LLC Work in Progress Seminar
Wednesday 16 March 2016
17:30-18:30
Room 3.39, 50 George Square
We are pleased to announce that the next LLC WIP Seminar will feature three speakers in a panel entitled: Toward and Beyond Non-Human Subjectivities
How do humans know and relate to the nonhuman? What ethical relationships do we have with animals and landscapes? Is it even possible for us to go beyond the anthropocentrism at the heart of the way in which we interact with and understand the world around us through language? This panel will consider these questions about the relations between the human and non-human in ways which, although strikingly different, nevertheless still share common ethical and ontological questions about the relationship between the human and non-human. (Download full abstracts: http://cl.ly/3K1T1D0R263p/)
This panel presentation will feature:
Kenneth Chan: Inescapable Anthropocentricity of Human-Nonhuman Communication in Dog Narratives: Paul Auster's Timbuktu and J. R. Ackerley's My Dog Tulip
Kenneth Chan's reading of Paul Auster’s Timbuktu and J.R. Ackerley’s My Dog Tulip considers the ways in which human-nonhuman communication (especially through the mode of the ‘animalography’) remains inescapably anthropocentric: because the nonhuman other cannot speak for itself, the contact between humans and nonhumans does not allow for the decentring of anthropocentric perspectives or the re-assertion of the continuities between the human and non-human.

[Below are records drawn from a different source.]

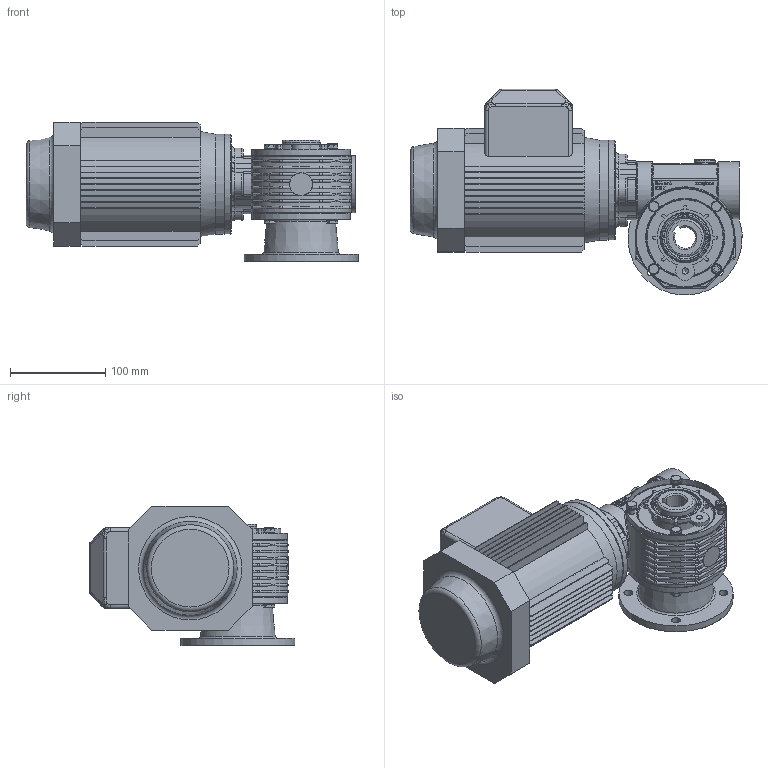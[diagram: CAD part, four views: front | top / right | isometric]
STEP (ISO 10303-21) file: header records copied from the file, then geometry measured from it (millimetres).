
FILE_DESCRIPTION((''),'2;1');
FILE_NAME('Y:\Archivi Inventor\Prog_01\GRAND_10\Figurini\mrv10 VECCHIO\pam71 b14\MRV10 PAM71B14 F2.stp','2014-01-15T09:07:37',('tech3'),(''),'Autodesk Inventor 2013','Autodesk Inventor 2013','');
FILE_SCHEMA(('AUTOMOTIVE_DESIGN { 1 0 10303 214 1 1 1 1 }'));
Length unit declared in the file: millimetre
Products named in the file (17): mrv10; V10_PRIMARIO; carcassa mrv10 fig; corona MRV10-f22 fig; RCA_40x7; 40_52_8; Tappo 3_8 GAS_esagn_incsst; Guarnizione 3_8 GAS; DIN EN ISO 4762 M6 x 20; 0101029; coperchio laterale mrv10 fig; DIN EN 24017 M6 x 16; flangia riduttore Mrv10 fig; 0101028; 0101006; DIN EN ISO 4762 M6 x 16; motori B14 71
Assembly tree (28 placements, depth 3):
  mrv10
    V10_PRIMARIO
      carcassa mrv10 fig
      corona MRV10-f22 fig
      RCA_40x7
      40_52_8  x2
      Tappo 3_8 GAS_esagn_incsst
      Guarnizione 3_8 GAS
      DIN EN ISO 4762 M6 x 20
      0101029  x2
      coperchio laterale mrv10 fig
      DIN EN 24017 M6 x 16  x8
      flangia riduttore Mrv10 fig
      0101028
    0101006
    DIN EN ISO 4762 M6 x 16  x4
    motori B14 71
Bounding box: 348.72 x 215.77 x 146.35 mm (x, y, z)
Volume: 3400781.7 mm3; surface area: 450954 mm2
Topology: 27 solids, 31 shells, 1905 faces, 4922 edges, 3117 vertices
Faces by surface type: plane 1038, cylinder 398, bspline 210, cone 129, torus 114, sphere 16
Full cylindrical faces by diameter (mm): 2 x2, 4.917 x16, 6 x17, 6.5 x21, 7 x4, 8 x1, 8.88 x8, 9.25 x4, 10 x5, 11 x4, 14 x1, 14.95 x1, 16.3 x1, 16.5 x1, 22 x2, 24 x1, 35 x1, 35.2 x1, 39.4 x2, 40 x11, 42.5 x1, 42.881 x2, 47.232 x2, 52 x4, 60 x3, 70 x2, 80 x2, 81 x1, 82 x6, 103.5 x2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
Entity records: 57282 total; most frequent: CARTESIAN_POINT 16581, ORIENTED_EDGE 8474, DIRECTION 7726, EDGE_CURVE 4237, VERTEX_POINT 2799, AXIS2_PLACEMENT_3D 2647, VECTOR 2432, LINE 2432
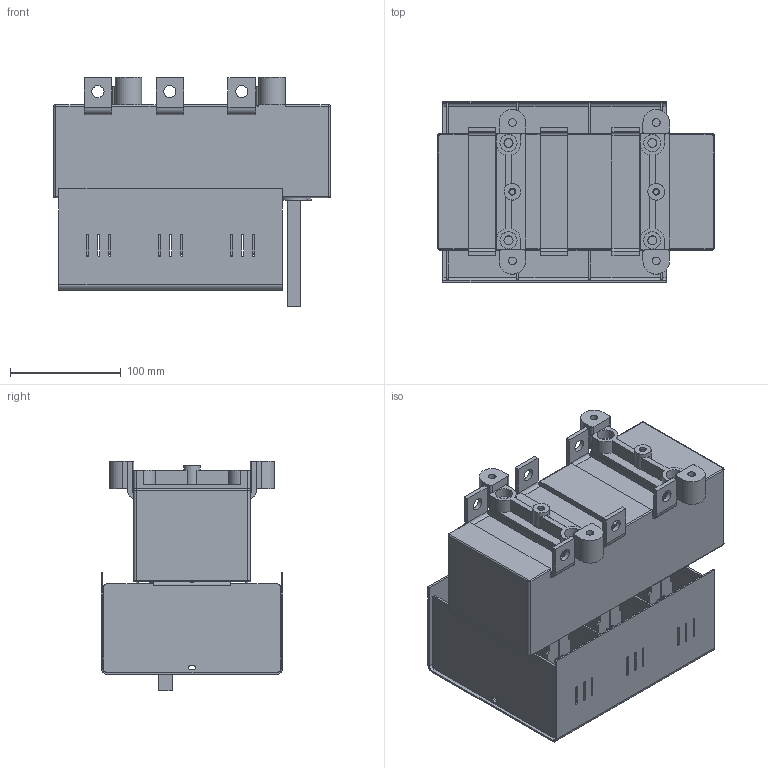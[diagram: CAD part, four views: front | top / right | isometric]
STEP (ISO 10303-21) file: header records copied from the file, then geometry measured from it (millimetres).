
FILE_DESCRIPTION(/* description */ (''),/* implementation_level */ '2;1');
FILE_NAME(/* name */ 'RAB 1 P3 C.stp',/* time_stamp */ '2021-08-19T13:04:40+02:00',/* author */ (''),/* organization */ (''),/* preprocessor_version */ 'ST-DEVELOPER v18.1',/* originating_system */ 'SIEMENS PLM Software NX 1965',/* authorisation */ '');
FILE_SCHEMA (('AUTOMOTIVE_DESIGN { 1 0 10303 214 3 1 1 1 }'));
Length unit declared in the file: millimetre
Products named in the file (1): RAB 1 P3 C_stp
Bounding box: 250 x 164 x 207.3 mm (x, y, z)
Volume: 2453710.1 mm3; surface area: 428512.4 mm2
Topology: 1 solids, 1 shells, 1014 faces, 2810 edges, 1830 vertices
Faces by surface type: plane 664, cylinder 342, torus 5, bspline 3
Full cylindrical faces by diameter (mm): 4.8 x2, 6.2 x2, 7 x4, 8.2 x4, 11 x6, 14 x4, 15 x2, 15.5 x4
Entity records: 32439 total; most frequent: CARTESIAN_POINT 5706, ORIENTED_EDGE 5556, DIRECTION 5530, EDGE_CURVE 2778, LINE 2038, VECTOR 2038, VERTEX_POINT 1826, AXIS2_PLACEMENT_3D 1746
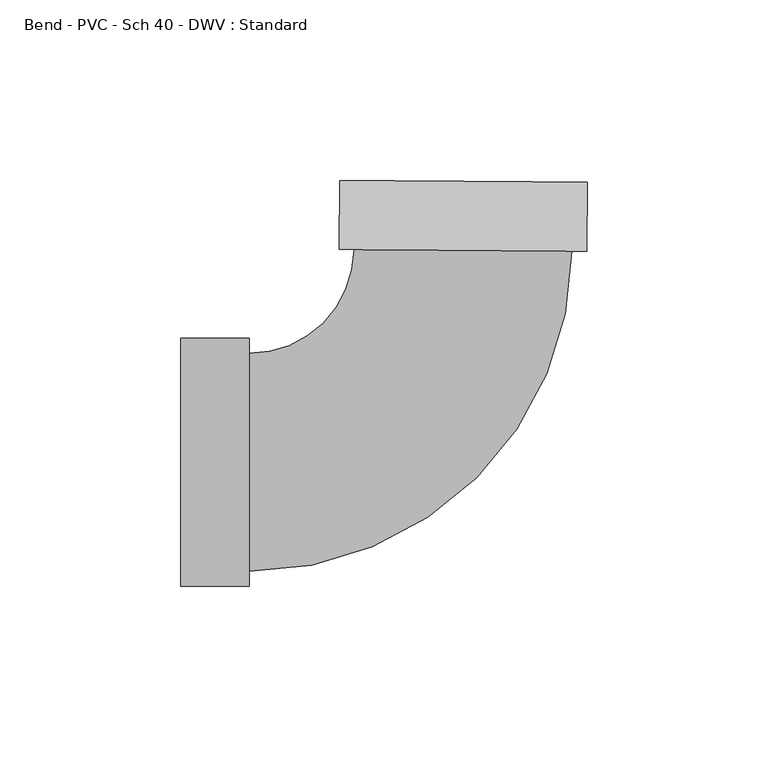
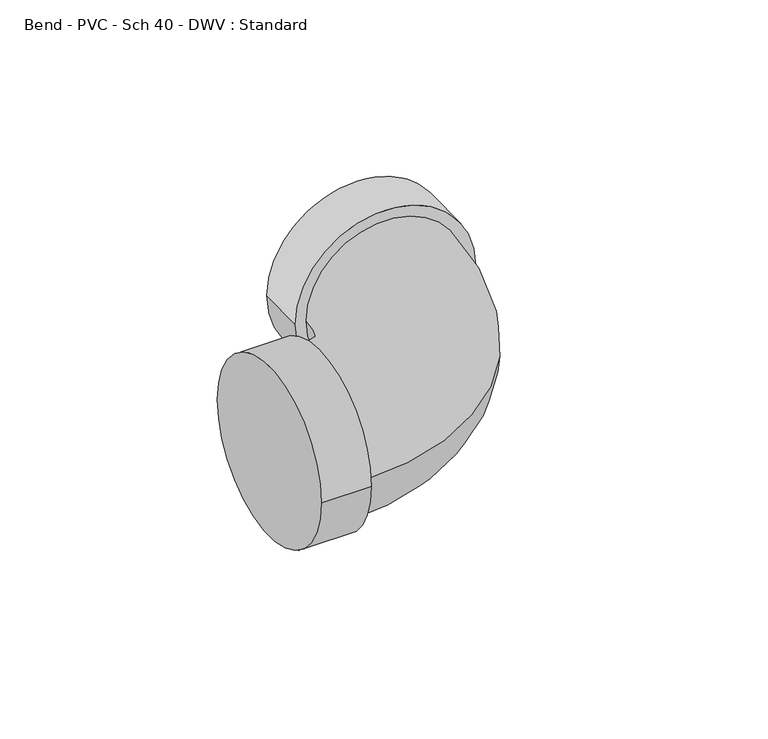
"""IFC4 building model written with IfcOpenShell, lengths in millimetres: pipe fitting geometry, Bend - PVC - Sch 40 - DWV : Standard."""

from ifc_helpers import new_model, si_unit, point, frame, origin, place, context, project, spatial, circle_curve, ellipse_curve, trimmed, source, transform, mapped, element, save
from ifc_brep_helpers import plane_surface, cylinder_surface, revolved_surface, advanced_brep


def bend_pvc_sch_40_dwv_standard_bf33f8de(model_context):
    return source(origin(), model_context, "Body", "AdvancedBrep", [
        advanced_brep(
        [(-77.8002, -34.3154, 0.0), (-77.8002, 34.3154, 0.0), (-58.7502, -34.3154, 0.0), (-58.7502, 34.3154, 0.0), (-58.7502, -30.1625, 0.0), (-58.7502, 30.1625, 0.0), (-29.729055, 58.970719, 0.0), (30.5943094, 58.5264952, 0.0), (34.7470968, 58.4959139, 0.0), (-33.8818424, 59.0013003, 0.0), (34.887378, 77.5453974, 0.0), (-33.7415611, 78.0507838, 0.0)],
        [
            (0, 1, circle_curve(frame((-77.8002, 0.0, 0.0), z_axis=(-1.0, 0.0, 0.0), x_axis=(0.0, 1.0, 0.0)), 34.3154)),
            (1, 0, circle_curve(frame((-77.8002, 0.0, 0.0), z_axis=(-1.0, 0.0, 0.0), x_axis=(0.0, 1.0, 0.0)), 34.3154)),
            (2, 3, circle_curve(frame((-58.7502, 0.0, 0.0), z_axis=(1.0, 0.0, 0.0), x_axis=(0.0, 1.0, 0.0)), 34.3154)),
            (3, 2, circle_curve(frame((-58.7502, 0.0, 0.0), z_axis=(1.0, 0.0, 0.0), x_axis=(0.0, 1.0, 0.0)), 34.3154)),
            (4, 5, circle_curve(frame((-58.7502, 0.0, 0.0), z_axis=(-1.0, 0.0, 0.0), x_axis=(0.0, 1.0, 0.0)), 30.1625)),
            (5, 4, circle_curve(frame((-58.7502, 0.0, 0.0), z_axis=(-1.0, 0.0, 0.0), x_axis=(0.0, 1.0, 0.0)), 30.1625)),
            (0, 2),
            (3, 1),
            (6, 5, circle_curve(frame((-58.7502, 59.1844319, 0.0), z_axis=(0.0, 0.0, -1.0), x_axis=(0.0, -1.0, 0.0)), 29.0219319)),
            (4, 7, circle_curve(frame((-58.7502, 59.1844319, 0.0), z_axis=(0.0, 0.0, 1.0), x_axis=(0.0, -1.0, 0.0)), 89.3469319)),
            (7, 6, circle_curve(frame((0.4326272, 58.7486071, 0.0), z_axis=(-0.007363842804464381, -0.9999728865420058, 0.0), x_axis=(-0.9999728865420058, 0.007363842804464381, 0.0)), 30.1625)),
            (6, 7, circle_curve(frame((0.4326272, 58.7486071, 0.0), z_axis=(-0.007363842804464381, -0.9999728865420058, 0.0), x_axis=(-0.9999728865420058, 0.007363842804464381, 0.0)), 30.1625)),
            (8, 9, circle_curve(frame((0.4326272, 58.7486071, 0.0), z_axis=(-0.0073638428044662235, -0.9999728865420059, 0.0), x_axis=(-0.9999728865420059, 0.0073638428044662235, 0.0)), 34.3154)),
            (9, 8, circle_curve(frame((0.4326272, 58.7486071, 0.0), z_axis=(-0.0073638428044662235, -0.9999728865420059, 0.0), x_axis=(-0.9999728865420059, 0.0073638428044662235, 0.0)), 34.3154)),
            (10, 11, circle_curve(frame((0.5729084, 77.7980906, 0.0), z_axis=(0.0073638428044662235, 0.9999728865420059, 0.0), x_axis=(-0.9999728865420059, 0.0073638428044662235, 0.0)), 34.3154)),
            (11, 10, circle_curve(frame((0.5729084, 77.7980906, 0.0), z_axis=(0.0073638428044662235, 0.9999728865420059, 0.0), x_axis=(-0.9999728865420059, 0.0073638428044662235, 0.0)), 34.3154)),
            (8, 10),
            (11, 9),
        ],
        [
            plane_surface(frame((-77.8002, 0.0, 0.0), z_axis=(-1.0, 0.0, 0.0), x_axis=(0.0, 0.0, 1.0))),
            plane_surface(frame((-58.7502, 0.0, 0.0), z_axis=(1.0, 0.0, 0.0), x_axis=(0.0, 0.0, 1.0))),
            cylinder_surface(frame((-77.8002, 0.0, 0.0), z_axis=(-1.0, 0.0, 0.0), x_axis=(0.0, 1.0, 0.0)), 34.3154),
            revolved_surface(trimmed(ellipse_curve(frame((-58.7502, 0.0, 0.0), z_axis=(-1.0, 0.0, 0.0), x_axis=(0.0, 1.0, 0.0)), 30.1625, 30.1625), [point((-58.7502, -30.1625, 0.0))], [point((-58.7502, 30.1625, 0.0))], True, "CARTESIAN"), (-58.7502, 59.1844319, 0.0), (0.0, 0.0, 1.0)),
            revolved_surface(trimmed(ellipse_curve(frame((-58.7502, 0.0, 0.0), z_axis=(-1.0, 0.0, 0.0), x_axis=(0.0, 1.0, 0.0)), 30.1625, 30.1625), [point((-58.7502, 30.1625, 0.0))], [point((-58.7502, -30.1625, 0.0))], True, "CARTESIAN"), (-58.7502, 59.1844319, 0.0), (0.0, 0.0, 1.0)),
            plane_surface(frame((0.4326272, 58.7486071, 0.0), z_axis=(-0.0073638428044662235, -0.9999728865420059, 0.0), x_axis=(0.0, 0.0, 1.0))),
            plane_surface(frame((0.5729084, 77.7980906, 0.0), z_axis=(0.0073638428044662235, 0.9999728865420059, 0.0), x_axis=(0.0, 0.0, 1.0))),
            cylinder_surface(frame((0.4326272, 58.7486071, 0.0), z_axis=(-0.0073638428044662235, -0.9999728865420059, 0.0), x_axis=(-0.9999728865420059, 0.0073638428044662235, 0.0)), 34.3154),
        ],
        [
            (0, [[1, 2]]),
            (1, [[3, 4], [5, 6]]),
            (2, [[-1, 7, -4, 8]]),
            (2, [[-2, -8, -3, -7]]),
            (3, [[9, -5, 10, 11]]),
            (4, [[-9, 12, -10, -6]]),
            (5, [[13, 14], [-11, -12]]),
            (6, [[15, 16]]),
            (7, [[-13, 17, -16, 18]]),
            (7, [[-14, -18, -15, -17]]),
        ],
    ),
    ])


if __name__ == "__main__":
    model = new_model("IFC4")
    model_context = context("Model", 3, world=origin())
    ifc_project = project(units=[si_unit("LENGTHUNIT", "METRE", prefix="MILLI")], contexts=[model_context])
    site = spatial("IfcSite", under=ifc_project)
    building = spatial("IfcBuilding", under=site)
    placement = place(None, origin())
    bend_pvc_sch_40_dwv_standard_shape = bend_pvc_sch_40_dwv_standard_bf33f8de(model_context)
    element("IfcPipeFitting", 1, ObjectType="Bend - PVC - Sch 40 - DWV : Standard", at=placement, inside=building, context=model_context, shape_type="MappedRepresentation", body=[
        mapped(bend_pvc_sch_40_dwv_standard_shape, transform((0.0, 0.0, 0.0), x_axis=(1.0, 0.0, 0.0), y_axis=(0.0, 1.0, 0.0), z_axis=(0.0, 0.0, 1.0))),
    ])
    save(model, "model.ifc")
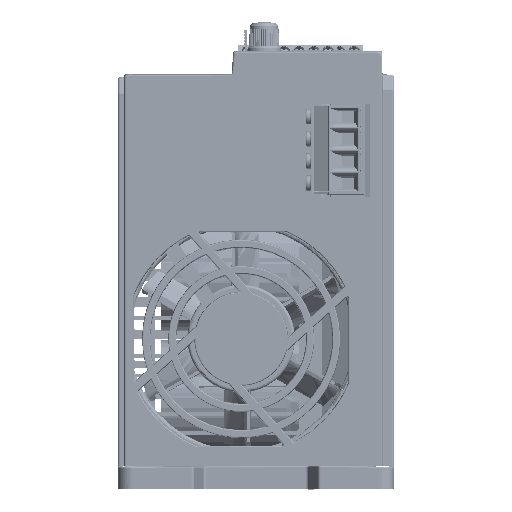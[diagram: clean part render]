
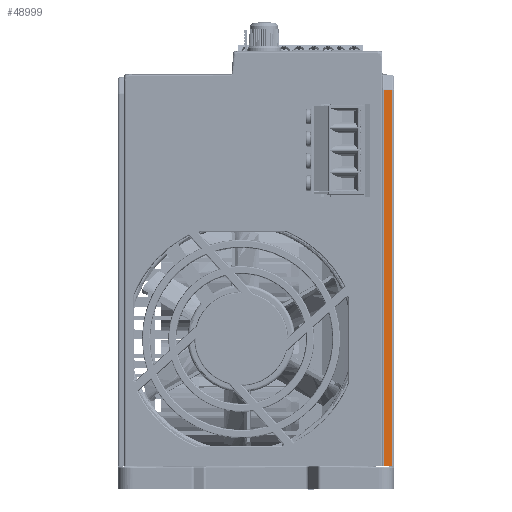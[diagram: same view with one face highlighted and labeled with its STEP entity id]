
A CAD part, left-side view. The second image highlights one B-rep face of the part: STEP entity #48999.
In plain terms, the highlighted planar face has unit normal (-0.999, -0.035, 0) as drawn and (-0.035, 0, -0.999) by its records, which use the part's own axes.
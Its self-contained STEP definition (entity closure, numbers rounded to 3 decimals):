
#48999=ADVANCED_FACE('',(#140846),#140848,.F.);
#140846=FACE_BOUND('',#140847,.T.);
#140847=EDGE_LOOP('',(#255179,#255180,#255181,#255182));
#140848=PLANE('',#140849);
#140849=AXIS2_PLACEMENT_3D('',#140850,#140851,#140852);
#140850=CARTESIAN_POINT('',(-43.5,6.,-101.5));
#140851=DIRECTION('',(0.035,0.,0.999));
#140852=DIRECTION('',(0.,-1.,0.));
#255179=ORIENTED_EDGE('',*,*,#326538,.T.);
#255180=ORIENTED_EDGE('',*,*,#328103,.F.);
#255181=ORIENTED_EDGE('',*,*,#328104,.T.);
#255182=ORIENTED_EDGE('',*,*,#328105,.T.);
#326538=EDGE_CURVE('',#377896,#377894,#377897,.T.);
#328103=EDGE_CURVE('',#380519,#377894,#380521,.T.);
#328104=EDGE_CURVE('',#380519,#380522,#380523,.T.);
#328105=EDGE_CURVE('',#380522,#377896,#380524,.T.);
#377894=VERTEX_POINT('',#501028);
#377896=VERTEX_POINT('',#501033);
#377897=LINE('',#501034,#501035);
#380519=VERTEX_POINT('',#512581);
#380521=LINE('',#512586,#512587);
#380522=VERTEX_POINT('',#512589);
#380523=LINE('',#512590,#512591);
#380524=LINE('',#512593,#512594);
#501028=CARTESIAN_POINT('',(-46.728,6.,-101.387));
#501033=CARTESIAN_POINT('',(-43.983,6.,-101.483));
#501034=CARTESIAN_POINT('',(-43.983,6.,-101.483));
#501035=VECTOR('',#501036,1.);
#501036=DIRECTION('',(-0.999,0.,0.035));
#512581=CARTESIAN_POINT('',(-46.728,135.239,-101.387));
#512586=CARTESIAN_POINT('',(-46.728,135.239,-101.387));
#512587=VECTOR('',#512588,1.);
#512588=DIRECTION('',(0.,-1.,0.));
#512589=CARTESIAN_POINT('',(-43.983,135.279,-101.483));
#512590=CARTESIAN_POINT('',(-46.728,135.239,-101.387));
#512591=VECTOR('',#512592,1.);
#512592=DIRECTION('',(0.999,0.014,-0.035));
#512593=CARTESIAN_POINT('',(-43.983,135.279,-101.483));
#512594=VECTOR('',#512595,1.);
#512595=DIRECTION('',(0.,-1.,0.));
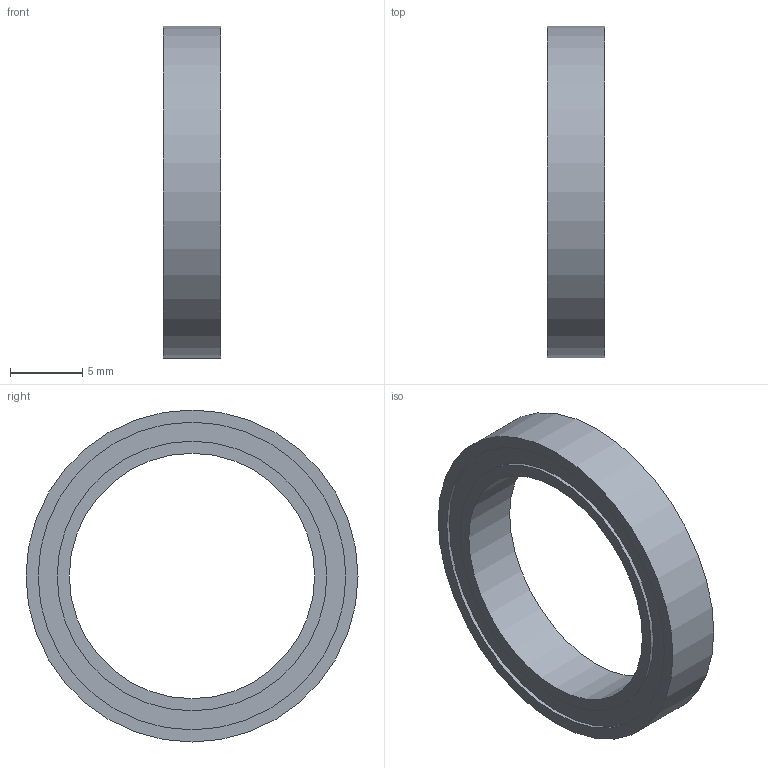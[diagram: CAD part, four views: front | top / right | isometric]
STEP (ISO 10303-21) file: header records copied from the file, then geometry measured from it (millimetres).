
FILE_DESCRIPTION(('Open CASCADE Model'),'2;1');
FILE_NAME('Open CASCADE Shape Model','2026-11-01T16:33:57',('Author'),( 'Open CASCADE'),'Open CASCADE STEP processor 8.0','build123d', 'Unknown');
FILE_SCHEMA(('AUTOMOTIVE_DESIGN { 1 0 10303 214 1 1 1 1 }'));
Length unit declared in the file: millimetre
Products named in the file (2): =>[0:1:1:2]; SOLID
Assembly tree (1 placements, depth 2):
  =>[0:1:1:2]
    SOLID
Bounding box: 4 x 23 x 23 mm (x, y, z)
Volume: 712.5 mm3; surface area: 942.5 mm2
Topology: 1 solids, 1 shells, 12 faces, 18 edges, 12 vertices
Faces by surface type: cylinder 6, plane 6
Full cylindrical faces by diameter (mm): 17 x1, 18.68 x2, 21.32 x2, 23 x1
Entity records: 540 total; most frequent: DIRECTION 94, CARTESIAN_POINT 80, ORIENTED_EDGE 36, PCURVE 36, DEFINITIONAL_REPRESENTATION 36, LINE 30, VECTOR 30, AXIS2_PLACEMENT_3D 26

Kirsten Lopez: « Ele a sen d’ume » : defining and navigating human-animal boundaries in the Lais of Marie de France
Kirsten Lopez's paper considers the representation of animal-human metamorphosis and anthropomorphism in the twelfth-century Lais of Anglo-Norman writer Marie de France, focusing on the animal as representation of man’s inner self. She examines the ways in which the boundary between the human and the animal were fluid and that ‘human nature’, however defined, remained continuous with ‘animal instincts’ that were still inherent in people’s behaviour.
Vivek Santayana: Nature and the Other: the Ecological Critique of Imperialism in Nadine Gordimer’s The Conservationist and J.M. Coetzee’s Life & Times of Michael K
Vivek Santayana engages with what the ecofeminist critic Val Plumwood describes as the discourse of human mastery over non-human nature, a discourse which has deep ideological continuities with structures of imperialism and colonial dominance. He examines the ways in which J.M. Coetzee’s Life & Times of Michael K and Nadine Gordimer’s The Conservationist critique this discourse of mastery by showing nature to resist human control, and instead reimagining the relationship between the human and non-human as an intersubjective relationship of ethical interdependence.